Marche

Braccano, il paese dei murales

Braccano, il paese dei murales si trova in provincia di Macerata, a pochi minuti da Matelica.

Il paesino, ad oggi, conta poco più di 150 abitanti, ma non c’è un edificio che non abbia un disegno alle sue pareti. 

I murales sono stati realizzati nell’arco degli anni da diversi artisti delle accademie di belle arti, provenienti da tutto il mondo. Sotto ad ogni opera potete trovare il nome dell’autore e l’anno di realizzazione. 

In diversi punti del paese ci sono dei segnali con scritto “murales”, indicazioni per non perderne nemmeno uno. Tanti infatti risultano nascosti o poco visibili, quindi il consiglio è quello di stare ben attenti e con gli occhi aperti.

Dal 2001 ad oggi Braccano si è colorato con questi attacchi artistici, il paese rimane però solo una meta turistica con pochi servizi per i visitatori. Non c’è un vero e proprio parcheggio attrezzato o segnalato. Si parcheggia lungo la strada, dove si trova posto.

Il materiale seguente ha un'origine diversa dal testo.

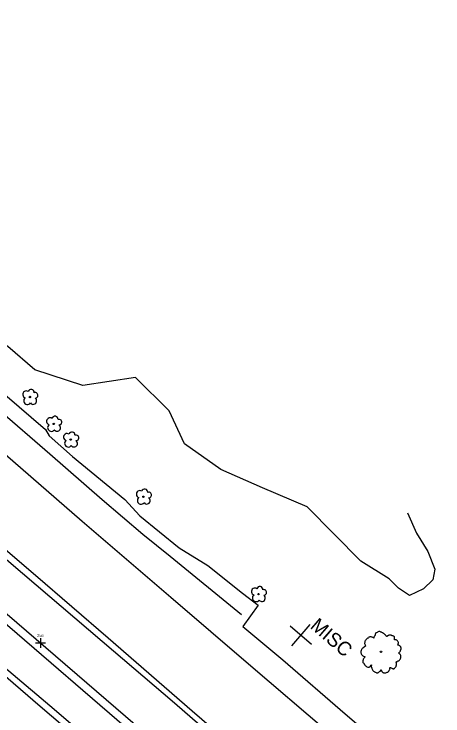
# Model space of a CAD drawing. Extents: x 2076109 to 2080761, y 592812 to 596750.
# Drawn here: x 2079834.4 to 2079987.8, y 593575.6 to 593826.9 of the extents above; entities that cross this region are included whole.
import ezdxf

# ---------------------------------------------------------------- set-up
doc = ezdxf.new("R2010")
doc.units = 0
for name, color, linetype in [('Default', 7, 'Continuous'), ('RD_EX_GuardRail', 7, 'Continuous'), ('RD_EX_Misc', 7, 'Continuous'), ('RD_EX_Misc_txCode', 7, 'Continuous'), ('RD_EX_Road', 7, 'Continuous'), ('RD_EX_VEG', 7, 'Continuous'), ('RD_HC_Cl', 7, 'Continuous')]:
    doc.layers.add(name, color=color, linetype=linetype)

msp = doc.modelspace()

# ---------------------------------------------------------------- linework, layer by layer
at = {"layer": 'Default'}
for p, q in [((2079843.82, 593603.43), (2079843.82, 593599.93)), ((2079843.82, 593603.43), (2079843.82, 593599.93)), ((2079845.57, 593601.68), (2079842.07, 593601.68)), ((2079845.57, 593601.68), (2079842.07, 593601.68))]:
    msp.add_line(p, q, dxfattribs=at)
at = {"layer": 'RD_EX_GuardRail'}
for points in [[(2080184.35, 593305.04), (2080148.2, 593335.86), (2080111.67, 593367.26), (2080075.44, 593398.3), (2080039.84, 593429.28), (2080003.46, 593460.74), (2079967.36, 593491.67), (2079919.17, 593532.83), (2079871.19, 593574.23), (2079835.53, 593605.02), (2079799.41, 593635.93), (2079763.16, 593666.95), (2079727.5, 593697.27), (2079690.37, 593729.2), (2079655.55, 593758.99), (2079608.01, 593799.67)], [(2079915.69, 593611.77), (2079890.2, 593632.66), (2079880.48, 593640.55), (2079865.92, 593652.95), (2079847.21, 593669.28), (2079828.34, 593685.59), (2079804.41, 593705.91), (2079785.94, 593721.98), (2079757.68, 593746.46), (2079723.46, 593776.29)], [(2079915.69, 593611.77), (2079890.2, 593632.66), (2079880.48, 593640.55), (2079865.92, 593652.95), (2079847.21, 593669.28), (2079828.34, 593685.59), (2079804.41, 593705.91), (2079785.94, 593721.98), (2079757.68, 593746.46), (2079723.46, 593776.29)]]:
    msp.add_lwpolyline(points, dxfattribs=at)
at = {"layer": 'RD_EX_Misc'}
for p, q in [((2079933.2, 593607.81), (2079940.76, 593601.27)), ((2079933.2, 593607.81), (2079940.76, 593601.27)), ((2079933.71, 593600.76), (2079940.25, 593608.33)), ((2079933.71, 593600.76), (2079940.25, 593608.33))]:
    msp.add_line(p, q, dxfattribs=at)
for points in [[(2080217.04, 593337.18), (2080172.52, 593375.33), (2080138.87, 593404.33), (2080108.48, 593430.29), (2080078.14, 593456.52), (2080038.92, 593490.11), (2080009.05, 593515.98), (2079977.29, 593543.26), (2079946.15, 593570.28), (2079919.11, 593593.43), (2079890.41, 593617.97), (2079858.75, 593645.26), (2079821.86, 593677.15), (2079782.12, 593711.42), (2079735.64, 593751.71), (2079701.45, 593781.37), (2079664.35, 593813.72), (2079643.76, 593831.64)], [(2079627.11, 593812.28), (2079655.96, 593786.97), (2079692.98, 593754.86), (2079726.56, 593725.77), (2079758.83, 593697.63), (2079788.04, 593672.28), (2079811.24, 593652.3), (2079842, 593625.98), (2079868.07, 593603.53), (2079898.03, 593577.49), (2079923.97, 593555.11), (2079945.84, 593536.38), (2079972.92, 593513.01), (2079994.98, 593494.07), (2080016.85, 593475.02), (2080049.11, 593447.31), (2080079.81, 593420.95), (2080112.25, 593393.22), (2080144.25, 593365.64), (2080177.02, 593337.45), (2080203.16, 593314.91)], [(2080178.72, 593290.98), (2080145.52, 593319.67), (2080116.25, 593344.84), (2080082.12, 593374.03), (2080051.53, 593400.34), (2080021.2, 593426.66), (2079989.82, 593453.61), (2079954.27, 593484.21), (2079917.77, 593515.59), (2079872.88, 593554.03), (2079843.75, 593579.04), (2079811.01, 593607.11), (2079771.89, 593640.76), (2079736.28, 593671.46), (2079708.41, 593695.19), (2079678.65, 593720.6), (2079637.6, 593755.82), (2079606.82, 593782.2)]]:
    msp.add_lwpolyline(points, dxfattribs=at)
at = {"layer": 'RD_EX_Road'}
for points in [[(2079915.58, 593559.4), (2079891.77, 593580.17), (2079865.9, 593602.21), (2079832.47, 593630.76), (2079804.37, 593655.14), (2079781.34, 593675), (2079764.28, 593689.81), (2079743.82, 593707.18), (2079725.61, 593722.92), (2079710.62, 593736.11), (2079695.41, 593749.27), (2079683.78, 593759.65), (2079664.93, 593775.72), (2079643.32, 593794.49), (2079625.35, 593810.82)], [(2079603.88, 593788.4), (2079630.41, 593765.74), (2079649.64, 593748.83), (2079670, 593731.78), (2079695.31, 593710.54), (2079705.57, 593701.2), (2079723.39, 593685.71), (2079744.81, 593667.42), (2079757.22, 593656.6), (2079776.93, 593639.55), (2079797.54, 593621.87), (2079819.28, 593602.83), (2079847.19, 593579.3), (2079876.99, 593553.77)], [(2079831.04, 593690.71), (2079845.61, 593678.16), (2079846.92, 593675.92), (2079855.23, 593668.45), (2079873.95, 593653.14), (2079879.4, 593647.23), (2079893.41, 593635.8), (2079903.73, 593629.47), (2079916.08, 593619.54), (2079921.67, 593615.3), (2079916.27, 593607.61), (2079930.48, 593595.65), (2079952.79, 593576.41), (2079973.53, 593558.52)]]:
    msp.add_lwpolyline(points, dxfattribs=at)
at = {"layer": 'RD_EX_VEG'}
for points in [[(2079968.58, 593624.66), (2079958.38, 593631.05), (2079939.2, 593650.42), (2079923.3, 593657.31), (2079908.32, 593663.78), (2079895.34, 593672.97), (2079889.9, 593684.89), (2079877.81, 593696.83), (2079858.95, 593693.87), (2079841.76, 593699.48), (2079832.11, 593707.82), (2079816.9, 593723.01), (2079799.06, 593733.44), (2079782.58, 593737.31), (2079774.16, 593743.85), (2079774.4, 593750.13), (2079779.63, 593760.24), (2079784.95, 593777.32), (2079790.58, 593800.97), (2079790.86, 593805.75)], [(2079968.58, 593624.66), (2079958.38, 593631.05), (2079939.2, 593650.42), (2079923.3, 593657.31), (2079908.32, 593663.78), (2079895.34, 593672.97), (2079889.9, 593684.89), (2079877.81, 593696.83), (2079858.95, 593693.87), (2079841.76, 593699.48), (2079832.11, 593707.82), (2079816.9, 593723.01), (2079799.06, 593733.44), (2079782.58, 593737.31), (2079774.16, 593743.85), (2079774.4, 593750.13), (2079779.63, 593760.24), (2079784.95, 593777.32), (2079790.58, 593800.97), (2079790.86, 593805.75)], [(2079975.08, 593648.34), (2079978.3, 593640.99), (2079982.45, 593634.44), (2079984.88, 593628.11), (2079984.16, 593624.28), (2079980.91, 593621.16), (2079975.82, 593618.71), (2079971.96, 593621.31), (2079968.58, 593624.66)], [(2079975.08, 593648.34), (2079978.3, 593640.99), (2079982.45, 593634.44), (2079984.88, 593628.11), (2079984.16, 593624.28), (2079980.91, 593621.16), (2079975.82, 593618.71), (2079971.96, 593621.31), (2079968.58, 593624.66)]]:
    msp.add_lwpolyline(points, dxfattribs=at)
for centre, radius in [((2079840.01, 593689.79), 0.25), ((2079840.01, 593689.79), 0.25), ((2079848.55, 593680.18), 0.25), ((2079848.55, 593680.18), 0.25), ((2079854.62, 593674.56), 0.25), ((2079854.62, 593674.56), 0.25), ((2079880.65, 593654.09), 0.25), ((2079880.65, 593654.09), 0.25), ((2079921.82, 593619.23), 0.25), ((2079921.82, 593619.23), 0.25), ((2079965.64, 593598.57), 0.25), ((2079965.64, 593598.57), 0.25), ((2079965.62, 593598.56), 0.0001), ((2079965.62, 593598.56), 0.0001)]:
    msp.add_circle(centre, radius, dxfattribs=at)
for centre, radius, start, end in [((2079840.47, 593691.43), 1.08, 354.1438, 163.9235), ((2079840.47, 593691.43), 1.08, 354.1438, 163.9235), ((2079838.72, 593690.69), 1.26, 55.6193, 253.9015), ((2079838.72, 593690.69), 1.26, 55.6193, 253.9015), ((2079841.91, 593690.39), 0.995, 267.9301, 111.2143), ((2079841.91, 593690.39), 0.995, 267.9301, 111.2143), ((2079839.15, 593688.42), 1.32, 126.0502, 324.9265), ((2079839.15, 593688.42), 1.32, 126.0502, 324.9265), ((2079841.22, 593688.37), 1.22, 215.7342, 57.2722), ((2079841.22, 593688.37), 1.22, 215.7342, 57.2722), ((2079847.27, 593681.08), 1.26, 55.6193, 253.9015), ((2079847.27, 593681.08), 1.26, 55.6193, 253.9015), ((2079849.02, 593681.82), 1.08, 354.1438, 163.9235), ((2079849.02, 593681.82), 1.08, 354.1438, 163.9235), ((2079847.7, 593678.81), 1.32, 126.0502, 324.9265), ((2079847.7, 593678.81), 1.32, 126.0502, 324.9265), ((2079849.76, 593678.76), 1.22, 215.7342, 57.2722), ((2079849.76, 593678.76), 1.22, 215.7342, 57.2722), ((2079850.46, 593680.78), 0.995, 267.9301, 111.2143), ((2079850.46, 593680.78), 0.995, 267.9301, 111.2143), ((2079855.09, 593676.2), 1.08, 354.1438, 163.9235), ((2079855.09, 593676.2), 1.08, 354.1438, 163.9235), ((2079853.34, 593675.46), 1.26, 55.6193, 253.9015), ((2079853.34, 593675.46), 1.26, 55.6193, 253.9015), ((2079856.53, 593675.16), 0.995, 267.9301, 111.2143), ((2079856.53, 593675.16), 0.995, 267.9301, 111.2143), ((2079853.77, 593673.19), 1.32, 126.0502, 324.9265), ((2079853.77, 593673.19), 1.32, 126.0502, 324.9265), ((2079855.83, 593673.14), 1.22, 215.7342, 57.2722), ((2079855.83, 593673.14), 1.22, 215.7342, 57.2722), ((2079879.36, 593655), 1.26, 55.6193, 253.9015), ((2079879.36, 593655), 1.26, 55.6193, 253.9015), ((2079881.11, 593655.73), 1.08, 354.1438, 163.9235), ((2079881.11, 593655.73), 1.08, 354.1438, 163.9235), ((2079882.55, 593654.7), 0.995, 267.9301, 111.2143), ((2079882.55, 593654.7), 0.995, 267.9301, 111.2143), ((2079879.79, 593652.72), 1.32, 126.0502, 324.9265), ((2079879.79, 593652.72), 1.32, 126.0502, 324.9265), ((2079881.86, 593652.68), 1.22, 215.7342, 57.2722), ((2079881.86, 593652.68), 1.22, 215.7342, 57.2722), ((2079922.29, 593620.87), 1.08, 354.1438, 163.9235), ((2079922.29, 593620.87), 1.08, 354.1438, 163.9235), ((2079920.54, 593620.13), 1.26, 55.6193, 253.9015), ((2079920.54, 593620.13), 1.26, 55.6193, 253.9015), ((2079923.72, 593619.83), 0.995, 267.9301, 111.2143), ((2079923.72, 593619.83), 0.995, 267.9301, 111.2143), ((2079920.96, 593617.86), 1.32, 126.0502, 324.9265), ((2079920.96, 593617.86), 1.32, 126.0502, 324.9265), ((2079923.03, 593617.81), 1.22, 215.7342, 57.2722), ((2079923.03, 593617.81), 1.22, 215.7342, 57.2722)]:
    msp.add_arc(centre, radius, start, end, dxfattribs=at)
for points in [[(2079970.43, 593603.9), (2079970.22, 593604.12), (2079969.91, 593604.25), (2079969.65, 593604.34), (2079969.43, 593604.43), (2079969.2, 593604.5), (2079968.85, 593604.57), (2079968.55, 593604.56), (2079968.3, 593604.46), (2079968.11, 593604.32), (2079967.89, 593604.14), (2079967.78, 593604.01), (2079967.67, 593604.07), (2079967.57, 593604.19), (2079967.43, 593604.41), (2079967.24, 593604.57), (2079967.05, 593604.74), (2079966.77, 593604.95), (2079966.51, 593605.18), (2079966.27, 593605.32), (2079965.99, 593605.49), (2079965.62, 593605.64), (2079965.28, 593605.78), (2079964.89, 593605.78), (2079964.39, 593605.59), (2079964.06, 593605.4), (2079963.79, 593605.31), (2079963.61, 593604.88), (2079963.51, 593604.5), (2079963.4, 593604.33), (2079963.18, 593603.96), (2079963.11, 593603.72), (2079963.07, 593603.49), (2079963, 593603.52), (2079962.68, 593603.73), (2079962.39, 593603.85), (2079961.92, 593603.96), (2079961.6, 593603.93), (2079961.31, 593603.75), (2079961.07, 593603.5), (2079960.86, 593603.42), (2079960.62, 593603.26), (2079960.56, 593603.22), (2079960.31, 593603), (2079960.09, 593602.6), (2079959.88, 593602.32), (2079959.82, 593602.07), (2079959.82, 593601.84), (2079959.79, 593601.53), (2079959.95, 593601.1), (2079960.13, 593600.81), (2079960.26, 593600.66), (2079959.8, 593600.4), (2079959.54, 593600.17), (2079959.18, 593599.95), (2079959.13, 593599.89), (2079958.78, 593599.56), (2079958.69, 593599.22), (2079958.5, 593598.89), (2079958.48, 593598.6), (2079958.49, 593598.2), (2079958.59, 593597.81), (2079958.89, 593597.39), (2079959.21, 593597.15), (2079959.76, 593596.91), (2079960, 593596.8), (2079959.86, 593596.68), (2079959.64, 593596.38), (2079959.36, 593596.06), (2079959.26, 593595.72), (2079959.16, 593595.44), (2079959.11, 593595.16), (2079959.2, 593594.77), (2079959.46, 593594.46), (2079959.68, 593594.07), (2079959.97, 593593.71), (2079960.33, 593593.37), (2079960.89, 593593.09), (2079961.18, 593593.01), (2079961.37, 593593.07), (2079961.76, 593593.22), (2079961.87, 593593.43), (2079962.28, 593593.87), (2079962.24, 593593.67), (2079962.15, 593593.29), (2079962.33, 593592.73), (2079962.52, 593592.34), (2079962.78, 593591.92), (2079962.96, 593591.66), (2079963.36, 593591.41), (2079963.7, 593591.22), (2079964.06, 593591.07), (2079964.47, 593591.08), (2079964.78, 593591.18), (2079965, 593591.35), (2079965.3, 593591.59), (2079965.45, 593591.69)], [(2079970.43, 593603.9), (2079970.22, 593604.12), (2079969.91, 593604.25), (2079969.65, 593604.34), (2079969.43, 593604.43), (2079969.2, 593604.5), (2079968.85, 593604.57), (2079968.55, 593604.56), (2079968.3, 593604.46), (2079968.11, 593604.32), (2079967.89, 593604.14), (2079967.78, 593604.01), (2079967.67, 593604.07), (2079967.57, 593604.19), (2079967.43, 593604.41), (2079967.24, 593604.57), (2079967.05, 593604.74), (2079966.77, 593604.95), (2079966.51, 593605.18), (2079966.27, 593605.32), (2079965.99, 593605.49), (2079965.62, 593605.64), (2079965.28, 593605.78), (2079964.89, 593605.78), (2079964.39, 593605.59), (2079964.06, 593605.4), (2079963.79, 593605.31), (2079963.61, 593604.88), (2079963.51, 593604.5), (2079963.4, 593604.33), (2079963.18, 593603.96), (2079963.11, 593603.72), (2079963.07, 593603.49), (2079963, 593603.52), (2079962.68, 593603.73), (2079962.39, 593603.85), (2079961.92, 593603.96), (2079961.6, 593603.93), (2079961.31, 593603.75), (2079961.07, 593603.5), (2079960.86, 593603.42), (2079960.62, 593603.26), (2079960.56, 593603.22), (2079960.31, 593603), (2079960.09, 593602.6), (2079959.88, 593602.32), (2079959.82, 593602.07), (2079959.82, 593601.84), (2079959.79, 593601.53), (2079959.95, 593601.1), (2079960.13, 593600.81), (2079960.26, 593600.66), (2079959.8, 593600.4), (2079959.54, 593600.17), (2079959.18, 593599.95), (2079959.13, 593599.89), (2079958.78, 593599.56), (2079958.69, 593599.22), (2079958.5, 593598.89), (2079958.48, 593598.6), (2079958.49, 593598.2), (2079958.59, 593597.81), (2079958.89, 593597.39), (2079959.21, 593597.15), (2079959.76, 593596.91), (2079960, 593596.8), (2079959.86, 593596.68), (2079959.64, 593596.38), (2079959.36, 593596.06), (2079959.26, 593595.72), (2079959.16, 593595.44), (2079959.11, 593595.16), (2079959.2, 593594.77), (2079959.46, 593594.46), (2079959.68, 593594.07), (2079959.97, 593593.71), (2079960.33, 593593.37), (2079960.89, 593593.09), (2079961.18, 593593.01), (2079961.37, 593593.07), (2079961.76, 593593.22), (2079961.87, 593593.43), (2079962.28, 593593.87), (2079962.24, 593593.67), (2079962.15, 593593.29), (2079962.33, 593592.73), (2079962.52, 593592.34), (2079962.78, 593591.92), (2079962.96, 593591.66), (2079963.36, 593591.41), (2079963.7, 593591.22), (2079964.06, 593591.07), (2079964.47, 593591.08), (2079964.78, 593591.18), (2079965, 593591.35), (2079965.3, 593591.59), (2079965.45, 593591.69)], [(2079965.45, 593591.69), (2079965.51, 593591.87), (2079965.64, 593592.09), (2079965.68, 593592.02), (2079965.78, 593591.87), (2079965.9, 593591.6), (2079966.02, 593591.39), (2079966.29, 593591.2), (2079966.56, 593591.09), (2079967.08, 593591.01), (2079967.6, 593591.19), (2079968.07, 593591.31), (2079968.34, 593591.51), (2079968.45, 593591.71), (2079968.75, 593592.1), (2079968.77, 593592.42), (2079968.81, 593592.55), (2079968.99, 593592.92), (2079969.08, 593592.91), (2079969.32, 593592.77), (2079969.69, 593592.62), (2079969.98, 593592.53), (2079970.26, 593592.52), (2079970.47, 593592.64), (2079970.71, 593592.96), (2079971.01, 593593.23), (2079971.05, 593593.39), (2079971.07, 593593.57), (2079971.15, 593593.77), (2079971.13, 593593.98), (2079971.15, 593594.16), (2079971.14, 593594.3), (2079971.15, 593594.49), (2079971.1, 593594.7), (2079971.02, 593594.84), (2079971.08, 593594.98), (2079971.32, 593595.04), (2079971.42, 593595.08), (2079971.59, 593595.23), (2079971.99, 593595.35), (2079972.29, 593595.62), (2079972.53, 593595.98), (2079972.67, 593596.22), (2079972.74, 593596.52), (2079972.75, 593596.84), (2079972.77, 593597.06), (2079972.72, 593597.27), (2079972.55, 593597.57), (2079972.4, 593597.77), (2079972.13, 593598), (2079972.01, 593598.17), (2079972.07, 593598.19), (2079972.16, 593598.31), (2079972.34, 593598.51), (2079972.58, 593598.9), (2079972.79, 593599.38), (2079972.81, 593599.4), (2079972.9, 593599.65), (2079972.86, 593599.95), (2079972.79, 593600.14), (2079972.72, 593600.37), (2079972.55, 593600.55), (2079972.32, 593600.74), (2079972.08, 593600.89), (2079971.87, 593600.94), (2079971.65, 593600.96), (2079971.69, 593601.12), (2079971.81, 593601.42), (2079971.87, 593601.56), (2079971.87, 593601.79), (2079971.83, 593602.09), (2079971.58, 593602.48), (2079971.05, 593602.83), (2079970.7, 593602.88), (2079970.47, 593602.84), (2079970.51, 593602.97), (2079970.49, 593603.25), (2079970.53, 593603.45), (2079970.48, 593603.66), (2079970.43, 593603.83), (2079970.39, 593603.93)], [(2079965.45, 593591.69), (2079965.51, 593591.87), (2079965.64, 593592.09), (2079965.68, 593592.02), (2079965.78, 593591.87), (2079965.9, 593591.6), (2079966.02, 593591.39), (2079966.29, 593591.2), (2079966.56, 593591.09), (2079967.08, 593591.01), (2079967.6, 593591.19), (2079968.07, 593591.31), (2079968.34, 593591.51), (2079968.45, 593591.71), (2079968.75, 593592.1), (2079968.77, 593592.42), (2079968.81, 593592.55), (2079968.99, 593592.92), (2079969.08, 593592.91), (2079969.32, 593592.77), (2079969.69, 593592.62), (2079969.98, 593592.53), (2079970.26, 593592.52), (2079970.47, 593592.64), (2079970.71, 593592.96), (2079971.01, 593593.23), (2079971.05, 593593.39), (2079971.07, 593593.57), (2079971.15, 593593.77), (2079971.13, 593593.98), (2079971.15, 593594.16), (2079971.14, 593594.3), (2079971.15, 593594.49), (2079971.1, 593594.7), (2079971.02, 593594.84), (2079971.08, 593594.98), (2079971.32, 593595.04), (2079971.42, 593595.08), (2079971.59, 593595.23), (2079971.99, 593595.35), (2079972.29, 593595.62), (2079972.53, 593595.98), (2079972.67, 593596.22), (2079972.74, 593596.52), (2079972.75, 593596.84), (2079972.77, 593597.06), (2079972.72, 593597.27), (2079972.55, 593597.57), (2079972.4, 593597.77), (2079972.13, 593598), (2079972.01, 593598.17), (2079972.07, 593598.19), (2079972.16, 593598.31), (2079972.34, 593598.51), (2079972.58, 593598.9), (2079972.79, 593599.38), (2079972.81, 593599.4), (2079972.9, 593599.65), (2079972.86, 593599.95), (2079972.79, 593600.14), (2079972.72, 593600.37), (2079972.55, 593600.55), (2079972.32, 593600.74), (2079972.08, 593600.89), (2079971.87, 593600.94), (2079971.65, 593600.96), (2079971.69, 593601.12), (2079971.81, 593601.42), (2079971.87, 593601.56), (2079971.87, 593601.79), (2079971.83, 593602.09), (2079971.58, 593602.48), (2079971.05, 593602.83), (2079970.7, 593602.88), (2079970.47, 593602.84), (2079970.51, 593602.97), (2079970.49, 593603.25), (2079970.53, 593603.45), (2079970.48, 593603.66), (2079970.43, 593603.83), (2079970.39, 593603.93)]]:
    msp.add_spline(points, degree=3, dxfattribs=at)
at = {"layer": 'RD_HC_Cl'}
msp.add_line((2079511.94, 593887.33), (2080761.16, 592812.48), dxfattribs=at)

# ---------------------------------------------------------------- texts
at = {"layer": 'Default'}
msp.add_text('256', height=1, dxfattribs=at).set_placement((2079842.62, 593603.88))
msp.add_text('256', height=1, dxfattribs=at).set_placement((2079842.62, 593603.88))
at = {"layer": 'RD_EX_Misc_txCode'}
msp.add_text(' MISC', height=5, rotation=319.1675, dxfattribs=at).set_placement((2079938.61, 593608.52))
msp.add_text(' MISC', height=5, rotation=319.1675, dxfattribs=at).set_placement((2079938.61, 593608.52))

doc.saveas('drawing.dxf')

Le strade sono strette e, anche se la strada è a doppio senso di marcia, il passaggio di due macchine può risultare difficile. 

Mangiare a Braccano, il paese dei murales

Il borgo non è provvisto di posti per comprare cibo, quali supermercati o alimentari, quindi bisogna arrivare provvisti se si pensa di consumare il pasto in questi luoghi.

Nella “piazzetta” principale c’è un unico locale, il Bar Murales, in cui si può anche pranzare. 

E’ raccomandato prenotare all’arrivo, in quanto il locale non ha una capienza sufficiente ad ospitare il numero di turisti che visitano il paese (così è stato per noi, in una visita durante una normale domenica di giugno).

A dire la verità, il bar murales offre una cucina semplice e tipica della zona, molto soddisfacente, per gusto, qualità e anche prezzo.

Noi abbiamo mangiato dei maltagliati con cicoria e pomodorini, una grigliata mista e verdure. Il tutto di stampo casareccio e accompagnato da una buonissima crescia marchigiana, una sorta di pizza-pane cotta sulla brace. 

Aggiungendo vino locale e una birra artigianale di un birrificio della zona, il prezzo è stato di 20€ a persona.

La Gola di Jana

Data la vicinanza con il Monte San Vicino, a Braccano, (non solo) il paese dei murales, è possibile anche addentrarsi in alcuni sentieri naturali facenti parte della Riserva del Monte San Vicino e Canfaito

Passeggiando dal paese in direzione del fiume per circa un chilometro, si giunge ad uno spiazzo con indicazioni turistiche. Ci si può arrivare anche in macchina e si può parcheggiare proprio in prossimità del tabellone con le indicazioni. Da qui si può proseguire solo a piedi, in direzioni diverse. Seguire sempre il percorso sulla destra (indicato anche dai cartelli) per la Gola di Jana.

Il sentiero, a tratti, si incrocia con il fiume e alcuni tratti d’acqua vanno attraversati. Per questo è meglio fornirsi di scarpe da trekking o al massimo di scarpe comode, tipo tennis, ma comunque chiuse. 

Dopo una camminata di circa 20-25 minuti si giunge alla Gola di Jana. L’acqua che sgorga a cascata dalle rocce, crea al di sotto una piccola piscina naturale. 

Vale la pena fermarsi ad ammirare la sua bellezza ed ascoltare i suoni armonici che la natura riproduce in questo luogo isolato e quasi magico. 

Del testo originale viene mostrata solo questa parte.